Reflexión jueves 23 de mayo. Jesucristo Sumo y Eterno Sacerdote
Lectura del santo evangelio según san Marcos (14, 12a. 22-25)
El primer día de los Ácimos, cuando se sacrificaba el cordero pascual, mientras comían , Jesús tomó pan y, pronunciando la bendición, lo partió y se lo dio diciendo: «Tomad, esto es mi cuerpo». Después tomó el cáliz, pronunció la acción de gracias, se lo dio y todos bebieron.
Y les dijo: «Esta es mi sangre de la alianza, que es derramada por muchos. En verdad os digo que no volveré a beber del fruto de la vid hasta el día que beba el vino nuevo en el reino de Dios».
Palabra del Señor
Reflexión
Para que no se nos olvide nunca su pacto de amor con nosotros, en la última cena Cristo instituyó la eucaristía, para recordarnos cada día su entrega y hacernos partícipes de su amor hacia nosotros: «Tomad, esto es mi cuerpo… Esta es mi sangre de la alianza, que es derramada por muchos». Se entiende que no es casualidad que esta fiesta se celebre en jueves. Participar de la eucaristía es el acto más importante que podemos realizar a lo largo del día.
Como nos recordará el prefacio de esta fiesta, todos nosotros somos sacerdotes por el bautismo. Podemos ofrecer la eucaristía por las personas que queremos o que sabemos están en alguna dificultad, en acción de gracias y de alabanza.
Pero como el prefacio dice a continuación, algunos somos llamados a recibir el sacerdocio ministerial por la imposición de la manos para renovar el sacrificio de la redención y preparar el banquete pascual, alimentar con la palabra y fortalecer con los sacramentos. Hoy es un día para rezar por todos los sacerdotes.

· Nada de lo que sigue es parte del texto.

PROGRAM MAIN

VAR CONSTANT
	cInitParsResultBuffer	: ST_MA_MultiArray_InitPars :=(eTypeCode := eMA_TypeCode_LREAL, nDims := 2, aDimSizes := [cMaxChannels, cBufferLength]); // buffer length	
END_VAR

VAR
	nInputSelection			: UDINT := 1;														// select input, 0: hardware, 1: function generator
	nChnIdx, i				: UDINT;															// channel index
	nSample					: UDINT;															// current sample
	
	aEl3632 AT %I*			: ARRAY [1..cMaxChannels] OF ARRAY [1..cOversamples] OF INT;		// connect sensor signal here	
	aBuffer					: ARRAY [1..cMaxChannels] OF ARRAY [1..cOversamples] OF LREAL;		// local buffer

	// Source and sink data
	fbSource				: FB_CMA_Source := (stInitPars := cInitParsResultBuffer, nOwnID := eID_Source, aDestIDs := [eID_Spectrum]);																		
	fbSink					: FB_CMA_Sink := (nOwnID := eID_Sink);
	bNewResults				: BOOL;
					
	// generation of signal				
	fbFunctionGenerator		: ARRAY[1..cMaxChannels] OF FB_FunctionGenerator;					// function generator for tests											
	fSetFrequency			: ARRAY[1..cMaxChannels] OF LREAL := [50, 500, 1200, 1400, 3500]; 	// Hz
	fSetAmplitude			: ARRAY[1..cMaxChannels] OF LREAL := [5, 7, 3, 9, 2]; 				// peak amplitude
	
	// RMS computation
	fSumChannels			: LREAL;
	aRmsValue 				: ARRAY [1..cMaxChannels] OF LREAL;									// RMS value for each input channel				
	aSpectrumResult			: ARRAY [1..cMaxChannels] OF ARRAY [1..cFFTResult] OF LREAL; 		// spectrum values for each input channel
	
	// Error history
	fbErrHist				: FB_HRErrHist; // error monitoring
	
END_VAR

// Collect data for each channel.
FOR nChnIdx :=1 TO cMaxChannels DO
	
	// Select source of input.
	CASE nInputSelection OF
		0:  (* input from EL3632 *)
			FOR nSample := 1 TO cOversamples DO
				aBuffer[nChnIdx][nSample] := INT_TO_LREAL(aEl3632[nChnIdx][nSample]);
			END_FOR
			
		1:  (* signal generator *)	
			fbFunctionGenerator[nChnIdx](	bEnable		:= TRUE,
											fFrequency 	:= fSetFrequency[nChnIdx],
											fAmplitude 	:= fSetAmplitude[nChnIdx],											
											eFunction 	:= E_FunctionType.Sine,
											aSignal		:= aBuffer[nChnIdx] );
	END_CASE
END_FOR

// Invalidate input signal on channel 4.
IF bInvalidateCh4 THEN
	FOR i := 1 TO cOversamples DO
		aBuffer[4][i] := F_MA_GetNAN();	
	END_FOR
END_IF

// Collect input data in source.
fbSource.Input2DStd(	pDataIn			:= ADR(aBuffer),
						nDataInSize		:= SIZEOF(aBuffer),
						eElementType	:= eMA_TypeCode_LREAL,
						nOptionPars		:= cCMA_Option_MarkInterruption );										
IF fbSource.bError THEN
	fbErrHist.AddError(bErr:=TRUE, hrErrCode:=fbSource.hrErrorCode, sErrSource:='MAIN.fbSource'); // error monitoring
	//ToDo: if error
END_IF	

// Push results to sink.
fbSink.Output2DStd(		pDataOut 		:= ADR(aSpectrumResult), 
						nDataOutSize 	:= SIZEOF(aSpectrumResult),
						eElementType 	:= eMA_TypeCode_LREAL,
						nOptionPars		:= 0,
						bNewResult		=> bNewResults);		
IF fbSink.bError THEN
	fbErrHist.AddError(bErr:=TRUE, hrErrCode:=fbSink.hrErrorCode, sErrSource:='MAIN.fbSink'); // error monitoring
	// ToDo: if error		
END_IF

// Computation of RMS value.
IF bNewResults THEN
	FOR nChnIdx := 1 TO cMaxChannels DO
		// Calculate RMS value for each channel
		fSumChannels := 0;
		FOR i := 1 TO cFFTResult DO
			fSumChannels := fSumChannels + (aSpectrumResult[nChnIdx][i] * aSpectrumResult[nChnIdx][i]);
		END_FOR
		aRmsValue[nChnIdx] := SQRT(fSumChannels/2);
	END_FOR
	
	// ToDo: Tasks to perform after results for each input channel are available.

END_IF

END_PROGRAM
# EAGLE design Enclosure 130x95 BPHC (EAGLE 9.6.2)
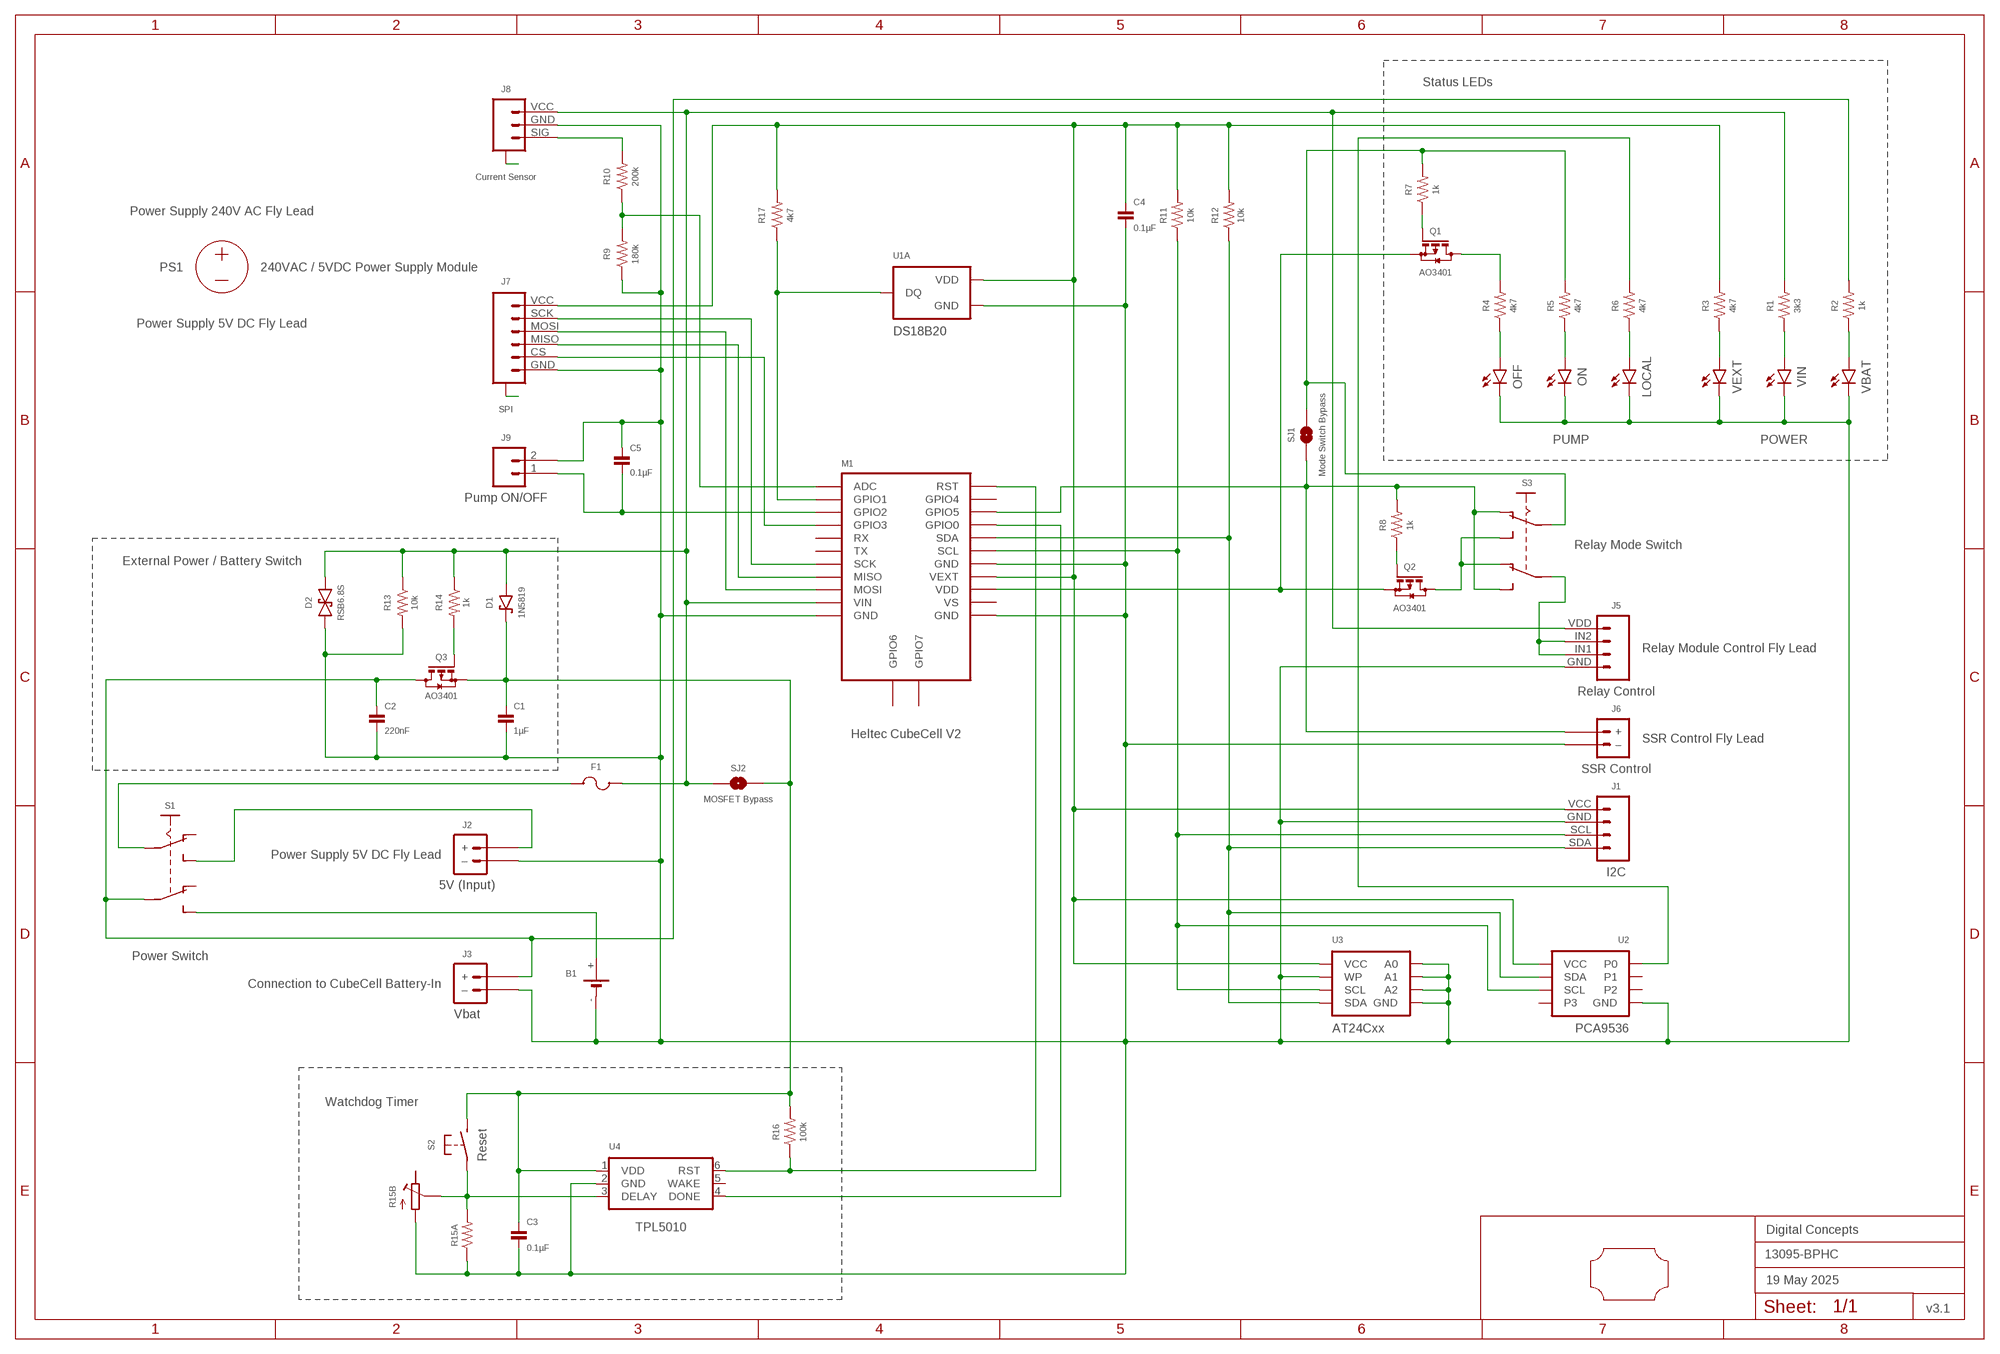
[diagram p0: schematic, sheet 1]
FRAME2 (A3L-LOC): DATE: 19 May 2025; OWNER: Digital Concepts; TITLE: 13095-BPHC; VERSION: v3.1

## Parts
B1  BATTERY-HOLDER-14500(AA)  [BATTERY-14500]
C1  1µF  CAPACITOR-0805  [C0805]
C2  220nF  CAPACITOR-0805  [C0805]
C3  0.1µF  CAPACITOR-0805  [C0805]
C4  0.1µF  CAPACITOR-0805  [C0805]
C5  0.1µF  CAPACITOR-0805  [C0805]
D1  1N5819  DIODE-SCHOTTKY-1N5819  [SOD-123]
D2  RSB6.8S  DIODE-SCHOTTKY-BIDIRECTIONAL  [VMD2]
F1  Fuse  MF-PSMF050X-2  [F0805]
J1  I2C  HEADER-1X4-I2C  [CONN_04-I2C]
J2  5V (Input)  JST-PH2.0-2-VERTICAL-POWER  [JST-PH2.0-2-VERTICAL-POWER]
J3  Vbat  JST-GH1.25-2-HORIZONTAL-POWER  [JST-GH1.25-2-HORIZONTAL]
J5  Relay Control  JST-PH2.0-4-HORIZONTAL-RELAY  [JST-PH2.0-4-HORIZONTAL-RELAY]
J6  SSR Control  JST-PH2.0-2-H-POWER  [JST-PH2.0-2-HORIZONTAL-POWER]
J7  SPI  JST-SH1.0-6-SMD-HORIZONTAL-SPI  [JST-SH1.0-6-HORIZONTAL-SPI]
J8  Current Sensor  JST-SH1.0-3-SMD-HORIZONTAL-SIG  [JST-SH1.0-3-HORIZONTAL-SIG]
J9  Pump ON/OFF  HEADER-1X2-GENERIC  [CONN_02-GENERIC]
LOCAL  LEDCHIP-LED0805  [CHIP-LED0805]
M1  Heltec CubeCell V2  HELTEC-CUBECELL  [HELTEC-CUBECELL]
OFF  LEDCHIP-LED0805  [CHIP-LED0805]
ON  LEDCHIP-LED0805  [CHIP-LED0805]
PCB1  PCB-OUTLINE-130X95-HALF-TOP  [PROTO-130X95-OUTLINE-HALF-TOP]
PS1  240VAC / 5VDC Power Supply Module  POWER_SUPPLY_MODULE  [AC_DC_POWER_SUPPLY]
Q1  AO3401  MOSFET-AO3401  [SOT-23]
Q2  AO3401  MOSFET-AO3401  [SOT-23]
Q3  AO3401  MOSFET-AO3401  [SOT-23]
R1  3k3  RESISTORR0805  [R0805]
R2  1k  RESISTORR0805  [R0805]
R3  4k7  RESISTORR0805  [R0805]
R4  4k7  RESISTORR0805  [R0805]
R5  4k7  RESISTORR0805  [R0805]
R6  4k7  RESISTORR0805  [R0805]
R7  1k  RESISTORR0805  [R0805]
R8  1k  RESISTORR0805  [R0805]
R9  180k  RESISTORR0805  [R0805]
R10  200k  RESISTORR0805  [R0805]
R11  10k  RESISTORR0805  [R0805]
R12  10k  RESISTORR0805  [R0805]
R13  10k  RESISTORR0805  [R0805]
R14  1k  RESISTORR0805  [R0805]
R15A  RESISTORR0805  [R0805]
R15B  RESISTOR-TRIMM-33  [RTRIM3*3]
R16  100k  RESISTORR0805  [R0805]
R17  4k7  RESISTORR0805  [R0805]
S1  Power Switch  SWITCH-SLIDE-DPDT-PTH  [SWITCH-DPDT-PTH]
S2  Reset  SWITCH-MOMENTARY-2-PIN  [SWITCH-2-PAD]
S3  Relay Mode Switch  SWITCH-SLIDE-DPDT-SMT  [SWITCH-DPDT-SMD]
SJ1  Mode Switch Bypass  SJ  [SJ]
SJ2  MOSFET Bypass  SJ  [SJ]
U1A  DS18B20  THERMOMETER-DS18B20  [TO-92]
U2  PCA9536  PCA9536-I2C-GPIO4  [SOP-8]
U3  AT24Cxx  AT24CXX-EEPROM  [SOP-8]
U4  TPL5010  TPL5010DDCR  [SOT-23-6]
VBAT  LEDCHIP-LED0805  [CHIP-LED0805]
VEXT  LEDCHIP-LED0805  [CHIP-LED0805]
VIN  LEDCHIP-LED0805  [CHIP-LED0805]

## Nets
A6: J8.A@1(A) J8.A@3(A)
A8: J7.A@1(A) J7.A@6(A)
GND: B1.- C1.2 C2.2 C3.2 C4.2 C5.1 D2.P$2 J1.GND J2.-(–) J3.-(–) J5.GND J6.-(–) J7.GND J8.GND J9.2 LOCAL.C M1.GND@11(GND) M1.GND@14(GND) M1.GND@18(GND) OFF.C ON.C R9.1 R13.2 R15A.1 R15B.1(A) U1A.1(GND) U2.4(GND) U3.1(A0) U3.2(A1) U3.3(A2) U3.4(GND) U3.7(WP) U4.2(GND) VBAT.C VEXT.C VIN.C
N$1: R6.2 U2.1(P0)
N$2: B1.+ S1.P$6(S2)
N$3: C5.2 J9.1 M1.GPIO2
N$4: C4.1 J1.VCC J7.VCC M1.VEXT R3.2 R11.2 R12.2 R17.2 U1A.3(VDD) U2.8(VCC) U3.8(VCC)
N$5: J1.SDA M1.SDA R12.1 U2.7(SDA) U3.5(SDA)
N$6: C1.1 C3.1 D1.C Q3.2(S) R16.2 S2.P$2(S) SJ2.2 U4.1(VDD)
N$7: J6.+ M1.GPIO5 R8.2 S3.P$1(O1) S3.P$6(S2) SJ1.1
N$8: M1.GPIO1 R17.1 U1A.2(DQ)
N$9: J1.SCL M1.SCL R11.1 U2.6(SCL) U3.6(SCL)
N$10: R2.1 VBAT.A
N$11: M1.GPIO0 U4.4(DONE)
N$12: OFF.A R4.1
N$13: R1.1 VIN.A
N$14: R3.1 VEXT.A
N$15: F1.2 S1.P$2(P1)
N$16: J2.+ S1.P$3(S1)
N$17: Q1.3(D) R4.2
N$18: M1.ADC R9.2 R10.1
N$19: ON.A R5.1
N$20: LOCAL.A R6.1
N$21: D1.A D2.P$1 F1.1 J5.VDD J8.VCC M1.VIN R1.2 R13.1 R14.1 SJ2.1
N$22: Q1.1(G) R7.1
N$23: Q2.3(D) S3.P$3(S1) S3.P$4(O2)
N$24: Q2.1(G) R8.1
N$25: J8.SIG R10.2
N$26: R5.2 R7.2 S3.P$2(P1) SJ1.2
N$27: J5.IN1 J5.IN2 S3.P$5(P2)
N$28: J7.SCK M1.SCK
N$29: J7.MOSI M1.MOSI
N$30: J7.MISO M1.MISO
N$31: J7.CS M1.GPIO3
N$34: C2.1 J3.+ Q3.3(D) R2.2 S1.P$5(P2)
N$36: R15A.2 R15B.2(S) S2.P$1(P) U4.3(DELAY)
N$37: M1.RST R16.1 U4.6(RST)
N$43: Q3.1(G) R14.2
VCC: M1.VDD Q1.2(S) Q2.2(S)
Unconnected: M1.GPIO4 M1.GPIO6 M1.GPIO7 M1.RX M1.TX M1.VS R15B.3(E) S1.P$1(O1) S1.P$4(O2) U2.2(P1) U2.3(P2) U2.5(P3) U4.5(WAKE)

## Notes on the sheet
- Status LEDs
- Power Supply 240V AC Fly Lead
- Power Supply 5V DC Fly Lead
- PUMP | POWER
- External Power / Battery Switch
- Relay Module Control Fly Lead
- SSR Control Fly Lead
- Power Supply 5V DC Fly Lead
- Connection to CubeCell Battery-In
- Watchdog Timer

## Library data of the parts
B1 = digitalconcepts:BATTERY-HOLDER-14500(AA): 14500 (AA) battery holder
C1-C5 = digitalconcepts:CAPACITOR-0805: 0805 Capacitor
D1 = digitalconcepts:DIODE-SCHOTTKY-1N5819: 1N5819 Schottky Diode SOD-123
D2 = digitalconcepts:DIODE-SCHOTTKY-BIDIRECTIONAL: Schottky Bidirectional Diode
F1 = digitalconcepts:MF-PSMF050X-2: PTC Resettable Fuse
J1 = digitalconcepts:HEADER-1X4-I2C: I2C Interface [Pin 1 Vcc] 4-Pin Header
J2 = digitalconcepts:JST-PH2.0-2-VERTICAL-POWER: JST PH2.0 2P PTH Connector (Power)
J3 = digitalconcepts:JST-GH1.25-2-HORIZONTAL-POWER: JST GH1.25 2P PTH Connector (Power)
J5 = digitalconcepts:JST-PH2.0-4-HORIZONTAL-RELAY: PH2.0 4P Horizontal Connector with Relay Labels
J6 = digitalconcepts:JST-PH2.0-2-H-POWER: PH2.0 2P Right Angle Connector with power pin labelling
J7 = digitalconcepts:JST-SH1.0-6-SMD-HORIZONTAL-SPI: JST SH1.0 6P SMD SPI horizontal connector
J8 = digitalconcepts:JST-SH1.0-3-SMD-HORIZONTAL-SIG: JST SH1.0 3P SMD Horizontal Connector with Signal
J9 = digitalconcepts:HEADER-1X2-GENERIC: Single Row 2-Pin Header
LOCAL OFF ON VBAT VEXT VIN = digitalconcepts:LED: LED
M1 = digitalconcepts:HELTEC-CUBECELL: Heltec CubeCell Development Board
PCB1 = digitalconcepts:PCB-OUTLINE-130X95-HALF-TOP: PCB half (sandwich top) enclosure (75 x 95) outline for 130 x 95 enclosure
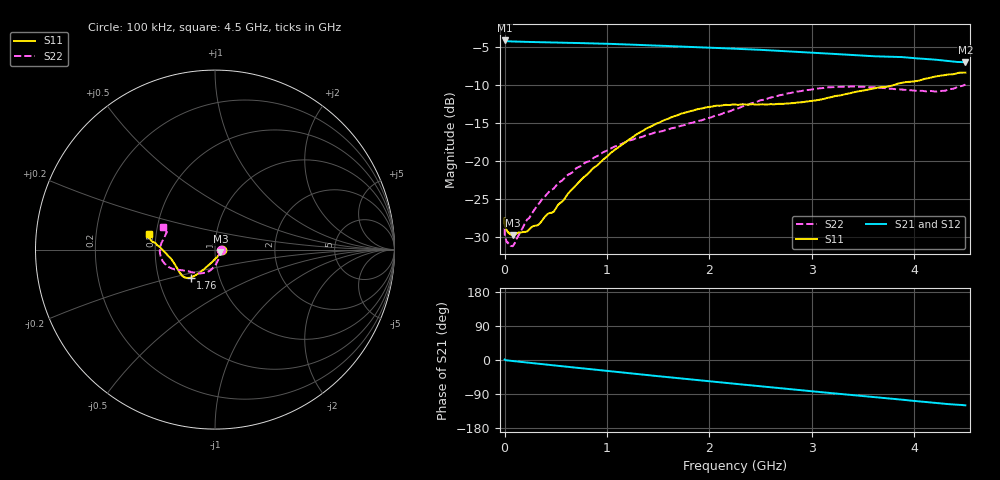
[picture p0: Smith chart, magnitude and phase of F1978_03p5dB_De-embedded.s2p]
! Integrated Device Technology
! Corporate Headquarters
! 6024 Silver Creek Valley Road
! San Jose, CA 95138  USA
! Phone:  1-408-284-8200
! Toll Free:  1-800-223-1366
! Webpage:  http://www.idt.com/
! Timing and RF Division
! 515 Groton Road, Suite 102
! Westford, MA 01886-6024
! Device:  F1978
! Description: 6-bit, 75 ohm, 0.5 dB Digital Step Attenuator
! Frequency:  5.0 MHz -  3.00 GHz
! Package:  4x4 mm QFN Plastic Package: 20 pin
! Ports:  2 RF, 11 DC
!  Pin  1  = D5 (16 dB)
!  Pin  2  = RF1  =  Port 1
!  Pin  3  = Serial Data In (DATA)
!  Pin  4  = Serial Clock (CLK)
!  Pin  5  = Serial Latch Enable (LE)
!  Pin  6  = VDD
!  Pin  7  = NC
!  Pin  8  = NC
!  Pin  9  = NC
!  Pin 10  = GND
!  Pin 11  = GND
!  Pin 12  = NC
!  Pin 13  = VMODE
!  Pin 14  = RF2  =  Port 2
!  Pin 15  = D4 (8 dB)
!  Pin 16  = D3 (4 dB)
!  Pin 17  = D2 (2 dB)
!  Pin 18  = NC
!  Pin 19  = D1 (1 dB)
!  Pin 20  = D0 (0.5 dB)
! State:  7
! Atten State:  3.5 dB
! Voltage:  +3.30 Volts
! Current:  0.565 mA
! Data:  The device was measured on a F1975 evaluation board which has
!  individual transmission lines to the RF pins.  Data was collected
!  using a calibrated network analyzer.  The evaluation board was
!  de-embedded using Automatic Fixture Removal (AFR).
!  The reference plane is the edge of the package pin.
! Misc:
!  Action Tracker AT0416
! Date Measured:  2018-02-08
! Date:  2018-03-26  MJV
! Note:
!  Integrated Device Technology supplies this data as a sample of measured
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# GHz S dB R 75
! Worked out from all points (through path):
!   291 points, 100 kHz to 4.5 GHz, reference 75 ohm
!   highest |S21| = -4.17 dB at 100 kHz (marker M1); lowest = -7.0 dB at 4.5 GHz (marker M2)
!   group delay of S21, straight-line fit = 74.9 ps
!   lowest |S11| = -29.8 dB at 80 MHz (marker M3), VSWR 1.07, Z = 79.6 - j1.89 ohm
!   |S11| at or under -10 dB: start of sweep to 3.812 GHz
!   |S22| runs from -31.3 to -10.0 dB; largest |S21 - S12| = 0.00024
!   S11 on the Smith chart (normalised r, x): 100 kHz: 1.09, +0.00; 1.76 GHz: 0.73, -0.24; 4.5 GHz: 0.45, +0.09
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0.0001  -27.63 0.5  -4.17 1.2  -4.17 1.2  -28.92 0.8
0.001  -28.24 -1.6  -4.20 1.0  -4.20 1.0  -29.61 -1.8
0.003  -28.53 -2.3  -4.22 0.7  -4.22 0.7  -29.92 -2.2
0.017  -29.06 -6.8  -4.26 -0.8  -4.26 -0.8  -30.60 -9.6
0.08  -29.79 -21.5  -4.30 -2.7  -4.30 -2.7  -31.26 -29.4
0.22  -29.33 -45.6  -4.36 -6.8  -4.36 -6.7  -27.76 -56.5
0.36  -28.01 -67.9  -4.40 -10.7  -4.40 -10.7  -25.20 -69.6
0.42  -27.03 -74.3  -4.42 -12.5  -4.42 -12.5  -24.31 -73.5
0.48  -26.71 -82.0  -4.44 -14.1  -4.44 -14.1  -23.67 -77.3
0.76  -22.35 -105.5  -4.52 -22.0  -4.52 -22.1  -20.54 -91.7
1.08  -18.52 -118.0  -4.64 -31.1  -4.64 -31.1  -18.12 -104.8
1.3  -16.44 -123.2  -4.75 -37.3  -4.75 -37.3  -16.98 -113.3
1.52  -14.92 -127.2  -4.86 -43.2  -4.86 -43.2  -16.17 -121.8
1.76  -13.68 -131.1  -4.99 -49.7  -4.99 -49.7  -15.30 -131.6
2.06  -12.77 -137.3  -5.15 -57.7  -5.15 -57.7  -14.04 -142.7
2.26  -12.62 -142.5  -5.26 -63.0  -5.25 -63.0  -13.18 -148.2
2.68  -12.51 -156.3  -5.53 -74.2  -5.53 -74.2  -11.41 -157.6
3.02  -12.11 -167.5  -5.79 -83.1  -5.79 -83.1  -10.58 -166.6
3.4  -11.02 -177.2  -6.09 -92.6  -6.09 -92.6  -10.23 -178.4
3.76  -10.19 176.9  -6.31 -101.3  -6.31 -101.3  -10.52 171.6
4.22  -8.88 171.8  -6.72 -113.6  -6.71 -113.6  -10.89 160.3
4.5  -8.41 167.0  -7.03 -119.6  -7.03 -119.6  -9.98 156.3

La escritora Carmen Laforet dijo en cierta ocasión: «A mí, tener un hijo sacerdote que, aunque no fuese malo, fuese tibio; que buscase cargos eclesiásticos y tratara de acomodarse bien en la vida, me parecería una horrible desgracia. Un hijo mío sacerdote intelectual, lumbrera de la Iglesia, me daría un miedo horrible, si, al mismo tiempo, no lo viese totalmente santo.
Si un hijo mío fuese sacerdote pobre, olvidado en una aldea o en un barrio humilde; si desde el momento en que se entregó a Cristo, considerase que su existencia propia había terminado; si compartiese su pedazo de pan y su sotana; si pudiese mirar con ojos limpios el espectáculo de la vida y de él surgiese a cada paso la alegría. Si mi hijo pudiese ser un sacerdote así, yo consideraría que había alcanzado el destino más grande que Dios tiene reservado a un hombre. Y a mí, como mujer, me parecería que el Señor me había dado el mismo destino por haberlo criado». Roguemos por los sacerdotes.